À la première occasion, a-t-il dit, Giuseppe Borsellino lui a offert 50 000 $ pour qu'il se retire d'une soumission qu'il avait remportée. Michel Leclerc a raconté que quelques jours après avoir refusé l'offre, M. Borsellino et un autre homme l'avaient intercepté dans son camion pour insister de nouveau, mais en vain. « Il y a eu un petit peu d'intimidation », a-t-il dit.

« Dans les jours qui ont suivi cette rencontre-là, on a eu un appel à la bombe au bureau, et puis on a eu de l'équipement qui a été volé et endommagé. J'en ai déduit que c'était peut-être en rapport avec cet événement-là », a conclu Michel Leclerc.

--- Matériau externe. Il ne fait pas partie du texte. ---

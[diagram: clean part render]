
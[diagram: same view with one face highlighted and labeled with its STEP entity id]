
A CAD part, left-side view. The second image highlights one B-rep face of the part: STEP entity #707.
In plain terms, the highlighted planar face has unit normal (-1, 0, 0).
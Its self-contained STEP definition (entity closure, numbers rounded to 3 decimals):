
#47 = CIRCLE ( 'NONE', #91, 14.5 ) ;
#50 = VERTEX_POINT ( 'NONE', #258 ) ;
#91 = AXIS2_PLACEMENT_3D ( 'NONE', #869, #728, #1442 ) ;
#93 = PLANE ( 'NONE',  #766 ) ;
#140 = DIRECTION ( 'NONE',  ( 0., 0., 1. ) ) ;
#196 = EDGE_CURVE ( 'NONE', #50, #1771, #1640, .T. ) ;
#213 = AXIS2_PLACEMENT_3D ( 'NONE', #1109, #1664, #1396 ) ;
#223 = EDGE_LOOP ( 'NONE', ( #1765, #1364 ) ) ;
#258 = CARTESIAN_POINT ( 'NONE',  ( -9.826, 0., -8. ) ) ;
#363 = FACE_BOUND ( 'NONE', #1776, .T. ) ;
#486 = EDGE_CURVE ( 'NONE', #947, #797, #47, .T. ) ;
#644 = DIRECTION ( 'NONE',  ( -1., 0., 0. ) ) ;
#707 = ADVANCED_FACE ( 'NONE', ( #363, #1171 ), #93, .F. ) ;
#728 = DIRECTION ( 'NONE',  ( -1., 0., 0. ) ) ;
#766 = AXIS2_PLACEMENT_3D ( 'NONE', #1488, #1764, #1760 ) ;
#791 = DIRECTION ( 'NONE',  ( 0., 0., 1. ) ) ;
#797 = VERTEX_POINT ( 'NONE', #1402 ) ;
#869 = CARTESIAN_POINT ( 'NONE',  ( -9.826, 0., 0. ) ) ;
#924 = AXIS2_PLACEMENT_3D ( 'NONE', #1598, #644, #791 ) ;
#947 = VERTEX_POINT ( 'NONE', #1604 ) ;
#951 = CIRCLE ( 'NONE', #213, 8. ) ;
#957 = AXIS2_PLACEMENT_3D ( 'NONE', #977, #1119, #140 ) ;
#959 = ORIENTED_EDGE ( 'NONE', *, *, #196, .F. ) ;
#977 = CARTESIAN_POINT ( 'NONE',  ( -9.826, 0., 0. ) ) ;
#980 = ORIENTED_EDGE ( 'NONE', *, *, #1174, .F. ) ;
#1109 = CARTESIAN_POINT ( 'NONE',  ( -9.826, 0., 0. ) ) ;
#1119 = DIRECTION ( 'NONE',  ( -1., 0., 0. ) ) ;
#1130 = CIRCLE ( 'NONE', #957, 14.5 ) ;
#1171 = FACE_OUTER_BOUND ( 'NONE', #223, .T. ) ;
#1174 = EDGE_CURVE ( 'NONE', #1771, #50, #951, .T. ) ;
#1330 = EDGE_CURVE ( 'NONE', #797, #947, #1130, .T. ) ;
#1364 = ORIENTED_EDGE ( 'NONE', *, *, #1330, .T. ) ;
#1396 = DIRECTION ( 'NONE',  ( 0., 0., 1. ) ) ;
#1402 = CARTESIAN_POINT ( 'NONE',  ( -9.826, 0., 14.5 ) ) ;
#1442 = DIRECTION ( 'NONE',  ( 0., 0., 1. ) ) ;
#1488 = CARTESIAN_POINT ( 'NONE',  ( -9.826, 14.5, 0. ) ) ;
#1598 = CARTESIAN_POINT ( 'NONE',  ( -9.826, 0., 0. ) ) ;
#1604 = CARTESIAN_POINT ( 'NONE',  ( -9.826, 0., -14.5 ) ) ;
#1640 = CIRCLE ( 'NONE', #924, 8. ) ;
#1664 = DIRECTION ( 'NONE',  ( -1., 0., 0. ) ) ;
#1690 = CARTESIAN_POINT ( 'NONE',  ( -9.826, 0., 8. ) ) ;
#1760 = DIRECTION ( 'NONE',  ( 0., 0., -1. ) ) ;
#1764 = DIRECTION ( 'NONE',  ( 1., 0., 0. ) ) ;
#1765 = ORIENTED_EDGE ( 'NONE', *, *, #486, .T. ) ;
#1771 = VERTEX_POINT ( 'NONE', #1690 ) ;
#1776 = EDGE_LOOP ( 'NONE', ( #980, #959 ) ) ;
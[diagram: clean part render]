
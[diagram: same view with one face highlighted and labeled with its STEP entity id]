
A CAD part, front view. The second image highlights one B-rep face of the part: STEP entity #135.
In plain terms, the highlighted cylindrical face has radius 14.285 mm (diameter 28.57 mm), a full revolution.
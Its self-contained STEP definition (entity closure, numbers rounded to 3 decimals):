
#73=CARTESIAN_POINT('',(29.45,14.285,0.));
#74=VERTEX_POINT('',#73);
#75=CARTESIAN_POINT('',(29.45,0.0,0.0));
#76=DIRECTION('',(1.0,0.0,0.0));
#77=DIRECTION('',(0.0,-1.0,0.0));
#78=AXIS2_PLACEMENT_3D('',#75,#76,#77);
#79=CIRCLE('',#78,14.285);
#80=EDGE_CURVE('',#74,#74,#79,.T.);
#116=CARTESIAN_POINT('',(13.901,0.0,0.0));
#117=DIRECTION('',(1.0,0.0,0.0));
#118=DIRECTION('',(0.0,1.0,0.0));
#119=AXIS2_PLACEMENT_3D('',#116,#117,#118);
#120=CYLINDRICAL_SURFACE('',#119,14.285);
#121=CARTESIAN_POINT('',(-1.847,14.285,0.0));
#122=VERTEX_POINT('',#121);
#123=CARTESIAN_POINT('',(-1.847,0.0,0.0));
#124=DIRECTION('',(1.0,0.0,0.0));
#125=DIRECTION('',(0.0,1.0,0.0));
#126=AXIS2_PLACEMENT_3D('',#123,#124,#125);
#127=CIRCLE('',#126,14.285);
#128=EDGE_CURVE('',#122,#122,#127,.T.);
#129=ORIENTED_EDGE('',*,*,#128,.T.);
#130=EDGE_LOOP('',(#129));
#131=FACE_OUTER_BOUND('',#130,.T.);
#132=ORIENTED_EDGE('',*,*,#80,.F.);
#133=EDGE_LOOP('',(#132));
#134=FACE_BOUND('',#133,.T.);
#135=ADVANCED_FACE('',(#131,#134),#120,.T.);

Michel Lalonde a aussi déclaré la semaine dernière qu'il avait déjà autorisé de faux extras réclamés par Garnier Construction. Génius recevait 25 % de ces sommes volées aux contribuables en argent comptant, a-t-il dit, ce qui lui permettait de faire du financement politique illégal.

Son nom était aussi ressorti lorsqu'il a été révélé que l'ex-grand patron des travaux publics à la Ville de Montréal, Robert Marcil, avait remis sa démission en juin 2009 après avoir été interrogé par des enquêteurs de la Ville au sujet d'un voyage en Italie en sa compagnie. Jocelyn Dupuis était également du voyage.

Aucun de ces sujets n'a été abordé par le procureur Tremblay lundi après-midi.